严淮道:“在翰林院,大人是上官侍读。在外面,大人是好友随之。”
“好吧。”秦遇接受了这个说法。官场上是要注意些。
两人聊了一会儿,秦遇跟人约好改日再聚,然后就回去干活了。
严淮也回去做事,没多久,一个庶吉士过来,低声问严淮:“严兄,刚才见你跟秦侍读有说有笑,你们可是熟识?”
严淮敛目,淡淡道:“熟识算不上,有过几面之缘。”
那庶吉士还要再问,严淮借口去拿东西,走开了。
晚上秦遇回家,跟家里人说起此事,他有些感慨:“时间过得真快。”
张氏点头。她现在还能回忆起儿子离家求学,她一个人在镇上的孤独日子。
对比过去,才会发觉现在的日子真好。
“啊啊——啊——”空空在秦遇怀里一点都不老实,小脚一蹬一蹬,两只小手捧着秦遇的脸,总想糊他爹爹一脸口水。
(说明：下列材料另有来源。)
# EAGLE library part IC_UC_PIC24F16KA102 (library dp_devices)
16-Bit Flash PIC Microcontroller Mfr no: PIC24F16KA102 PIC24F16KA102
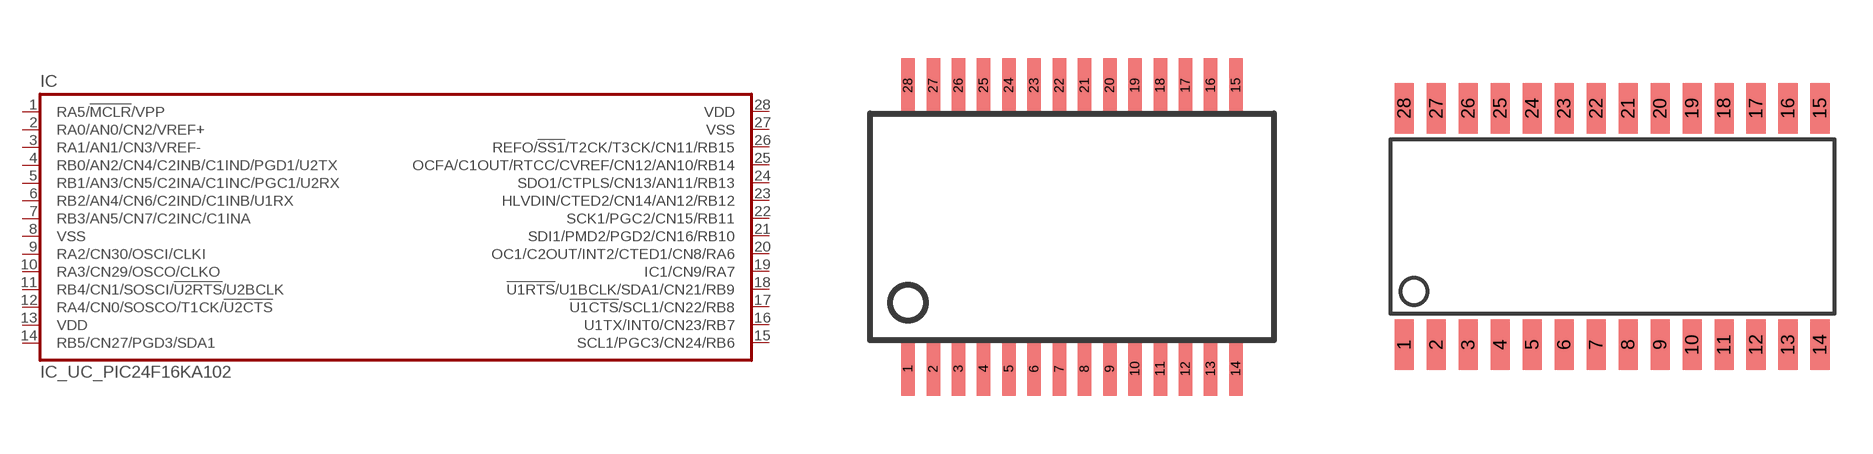
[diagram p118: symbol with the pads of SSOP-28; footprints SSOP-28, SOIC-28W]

Designator prefix IC

## IC_UC_PIC24F16KA102-SSOP  [SSOP-28]
1  RA5/!MCLR!/VPP  in
2  RA0/AN0/CN2/VREF+
3  RA1/AN1/CN3/VREF-
4  RB0/AN2/CN4/C2INB/C1IND/PGD1/U2TX
5  RB1/AN3/CN5/C2INA/C1INC/PGC1/U2RX
6  RB2/AN4/CN6/C2IND/C1INB/U1RX
7  RB3/AN5/CN7/C2INC/C1INA
8  VSS  sup
9  RA2/CN30/OSCI/CLKI
10  RA3/CN29/OSCO/CLKO
11  RB4/CN1/SOSCI/!U2RTS!/U2BCLK
12  RA4/CN0/SOSCO/T1CK/!U2CTS!
13  VDD  sup
14  RB5/CN27/PGD3/SDA1
15  SCL1/PGC3/CN24/RB6
16  U1TX/INT0/CN23/RB7
17  !U1CTS!/SCL1/CN22/RB8
18  !U1RTS!/U1BCLK/SDA1/CN21/RB9
19  IC1/CN9/RA7  pwr
20  OC1/C2OUT/INT2/CTED1/CN8/RA6  pwr
21  SDI1/PMD2/PGD2/CN16/RB10
22  SCK1/PGC2/CN15/RB11
23  HLVDIN/CTED2/CN14/AN12/RB12
24  SDO1/CTPLS/CN13/AN11/RB13
25  OCFA/C1OUT/RTCC/CVREF/CN12/AN10/RB14
26  REFO/!SS1!/T2CK/T3CK/CN11/RB15
27  VSS  sup
28  VDD  sup

## IC_UC_PIC24F16KA102-SOIC  [SOIC-28W]
Pads as for SSOP-28

## Footprint SSOP-28 (pad centres in mm)
SSOP28
smd 0.348 x 1.397: 1 -4.225,-3.656; 2 -3.575,-3.656; 3 -2.925,-3.656; 4 -2.275,-3.656; 5 -1.625,-3.656; 6 -0.975,-3.656; 7 -0.325,-3.656; 8 0.325,-3.656; 9 0.975,-3.656; 10 1.625,-3.656; 11 2.275,-3.656; 12 2.925,-3.656; 13 3.575,-3.656; 14 4.225,-3.656; 15 4.225,3.656; 16 3.575,3.656; 17 2.925,3.656; 18 2.275,3.656; 19 1.625,3.656; 20 0.975,3.656; 21 0.325,3.656; 22 -0.325,3.656; 23 -0.975,3.656; 24 -1.625,3.656; 25 -2.275,3.656; 26 -2.925,3.656; 27 -3.575,3.656; 28 -4.225,3.656

## Footprint SOIC-28W (pad centres in mm)
smd 0.762 x 2: 1 -8.89,-4.7; 2 -7.62,-4.7; 3 -6.35,-4.7; 4 -5.08,-4.7; 5 -3.81,-4.7; 6 -2.54,-4.7; 7 -1.27,-4.7; 8 0,-4.7; 9 1.27,-4.7; 10 2.54,-4.7; 11 3.81,-4.7; 12 5.08,-4.7; 13 6.35,-4.7; 14 7.62,-4.7; 15 7.62,4.7; 16 6.35,4.7; 17 5.08,4.7; 18 3.81,4.7; 19 2.54,4.7; 20 1.27,4.7; 21 0,4.7; 22 -1.27,4.7; 23 -2.54,4.7; 24 -3.81,4.7; 25 -5.08,4.7; 26 -6.35,4.7; 27 -7.62,4.7; 28 -8.89,4.7

秦遇偏头看着言书,再低头看看自己的孩子,母亲,妻儿都在身边,还有一份不错的事业,老天爷当真是厚待他。
“叭叽——”小孩儿终于一口亲在秦遇的下巴上,留了一串口水,得意极了,咯咯笑个不停。
馒头本来在角落里吃东西,不知什么时候也走了过来,伸出舌头舔了一下秦遇的侧脸,“嗯昂”叫着。然后慢悠悠走开,尾巴甩的欢快。
言书哭笑不得,拿手帕给秦遇擦了擦脸,揶揄道:“馒头就亲近夫君一人,对我们都是爱答不理的。”
秦遇啼笑皆非,觉得馒头可以把这份厚重爱意分一点点给家里其他人。不过也就想想,随馒头去好了。
他始终觉得馒头喜欢他,是个谜。
秦遇回忆过去,有时还有点心虚,毕竟那个时候他仔细照顾馒头,就真的单纯希望馒头长壮一点,能帮家里干重活。
秦遇没有想过,他对馒头的照顾,相比其他人已经好太多了。有哪个士人家买了驴回去,会特意研究牲畜口料,给牲畜修剪毛发,勤快扫便,随时保持干净卫生的环境。